═════ DATA FOR PROCESSING ═════

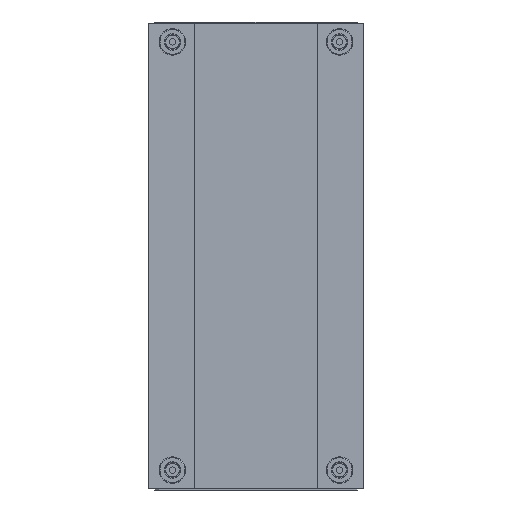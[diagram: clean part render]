
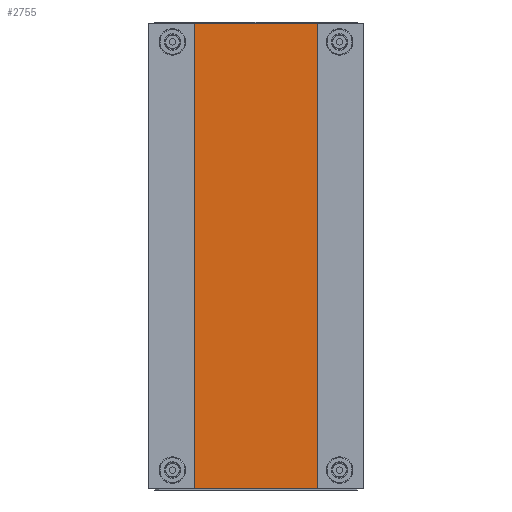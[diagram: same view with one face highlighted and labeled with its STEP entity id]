
A CAD part, front view. The second image highlights one B-rep face of the part: STEP entity #2755.
In plain terms, the highlighted planar face has unit normal (0, -1, 0).
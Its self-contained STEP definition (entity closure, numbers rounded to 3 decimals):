
#1924 = CARTESIAN_POINT ( 'NONE',  ( -63., -20., -223. ) ) ;
#2172 = LINE ( 'NONE', #2173, #2174 ) ;
#2173 = CARTESIAN_POINT ( 'NONE',  ( 63., -20., 223. ) ) ;
#2174 = VECTOR ( 'NONE', #2175, 1000. ) ;
#2175 = DIRECTION ( 'NONE',  ( 1., 0., 0. ) ) ;
#2755 = ADVANCED_FACE ( 'NONE', ( #8600 ), #8601, .F. ) ;
#2780 = LINE ( 'NONE', #2781, #2782 ) ;
#2781 = CARTESIAN_POINT ( 'NONE',  ( -63., -20., 223. ) ) ;
#2782 = VECTOR ( 'NONE', #2783, 1000. ) ;
#2783 = DIRECTION ( 'NONE',  ( 0., 0., -1. ) ) ;
#2954 = EDGE_LOOP ( 'NONE', ( #3541, #4610, #5235, #6255 ) ) ;
#3086 = CARTESIAN_POINT ( 'NONE',  ( -63., -20., 223. ) ) ;
#3541 = ORIENTED_EDGE ( 'NONE', *, *, #3960, .T. ) ;
#3960 = EDGE_CURVE ( 'NONE', #5328, #4349, #9370, .T. ) ;
#4349 = VERTEX_POINT ( 'NONE', #9576 ) ;
#4610 = ORIENTED_EDGE ( 'NONE', *, *, #9849, .F. ) ;
#4982 = CARTESIAN_POINT ( 'NONE',  ( 63., -20., 223. ) ) ;
#5235 = ORIENTED_EDGE ( 'NONE', *, *, #5608, .F. ) ;
#5328 = VERTEX_POINT ( 'NONE', #1924 ) ;
#5608 = EDGE_CURVE ( 'NONE', #6574, #9064, #2172, .T. ) ;
#5634 = LINE ( 'NONE', #5635, #5636 ) ;
#5635 = CARTESIAN_POINT ( 'NONE',  ( 63., -20., 223. ) ) ;
#5636 = VECTOR ( 'NONE', #5637, 1000. ) ;
#5637 = DIRECTION ( 'NONE',  ( 0., 0., -1. ) ) ;
#6254 = EDGE_CURVE ( 'NONE', #6574, #5328, #2780, .T. ) ;
#6255 = ORIENTED_EDGE ( 'NONE', *, *, #6254, .T. ) ;
#6574 = VERTEX_POINT ( 'NONE', #3086 ) ;
#8600 = FACE_OUTER_BOUND ( 'NONE', #2954, .T. ) ;
#8601 = PLANE ( 'NONE',  #8602 ) ;
#8602 = AXIS2_PLACEMENT_3D ( 'NONE', #8603, #8604, #8605 ) ;
#8603 = CARTESIAN_POINT ( 'NONE',  ( 63., -20., 223. ) ) ;
#8604 = DIRECTION ( 'NONE',  ( 0., 1., 0. ) ) ;
#8605 = DIRECTION ( 'NONE',  ( -1., 0., 0. ) ) ;
#9064 = VERTEX_POINT ( 'NONE', #4982 ) ;
#9370 = LINE ( 'NONE', #9371, #9372 ) ;
#9371 = CARTESIAN_POINT ( 'NONE',  ( 63., -20., -223. ) ) ;
#9372 = VECTOR ( 'NONE', #9373, 1000. ) ;
#9373 = DIRECTION ( 'NONE',  ( 1., 0., 0. ) ) ;
#9576 = CARTESIAN_POINT ( 'NONE',  ( 63., -20., -223. ) ) ;
#9849 = EDGE_CURVE ( 'NONE', #9064, #4349, #5634, .T. ) ;

═════

▶ **TASK PROMPT**
Output the line containing "#5328 = VERTEX_POINT ( 'NONE', #1924 ) ;" and every line after it through the final line of the records above, exactly as written and nothing else.

▶ **SOLUTION FOR THIS TASK**
#5328 = VERTEX_POINT ( 'NONE', #1924 ) ;
#5608 = EDGE_CURVE ( 'NONE', #6574, #9064, #2172, .T. ) ;
#5634 = LINE ( 'NONE', #5635, #5636 ) ;
#5635 = CARTESIAN_POINT ( 'NONE',  ( 63., -20., 223. ) ) ;
#5636 = VECTOR ( 'NONE', #5637, 1000. ) ;
#5637 = DIRECTION ( 'NONE',  ( 0., 0., -1. ) ) ;
#6254 = EDGE_CURVE ( 'NONE', #6574, #5328, #2780, .T. ) ;
#6255 = ORIENTED_EDGE ( 'NONE', *, *, #6254, .T. ) ;
#6574 = VERTEX_POINT ( 'NONE', #3086 ) ;
#8600 = FACE_OUTER_BOUND ( 'NONE', #2954, .T. ) ;
#8601 = PLANE ( 'NONE',  #8602 ) ;
#8602 = AXIS2_PLACEMENT_3D ( 'NONE', #8603, #8604, #8605 ) ;
#8603 = CARTESIAN_POINT ( 'NONE',  ( 63., -20., 223. ) ) ;
#8604 = DIRECTION ( 'NONE',  ( 0., 1., 0. ) ) ;
#8605 = DIRECTION ( 'NONE',  ( -1., 0., 0. ) ) ;
#9064 = VERTEX_POINT ( 'NONE', #4982 ) ;
#9370 = LINE ( 'NONE', #9371, #9372 ) ;
#9371 = CARTESIAN_POINT ( 'NONE',  ( 63., -20., -223. ) ) ;
#9372 = VECTOR ( 'NONE', #9373, 1000. ) ;
#9373 = DIRECTION ( 'NONE',  ( 1., 0., 0. ) ) ;
#9576 = CARTESIAN_POINT ( 'NONE',  ( 63., -20., -223. ) ) ;
#9849 = EDGE_CURVE ( 'NONE', #9064, #4349, #5634, .T. ) ;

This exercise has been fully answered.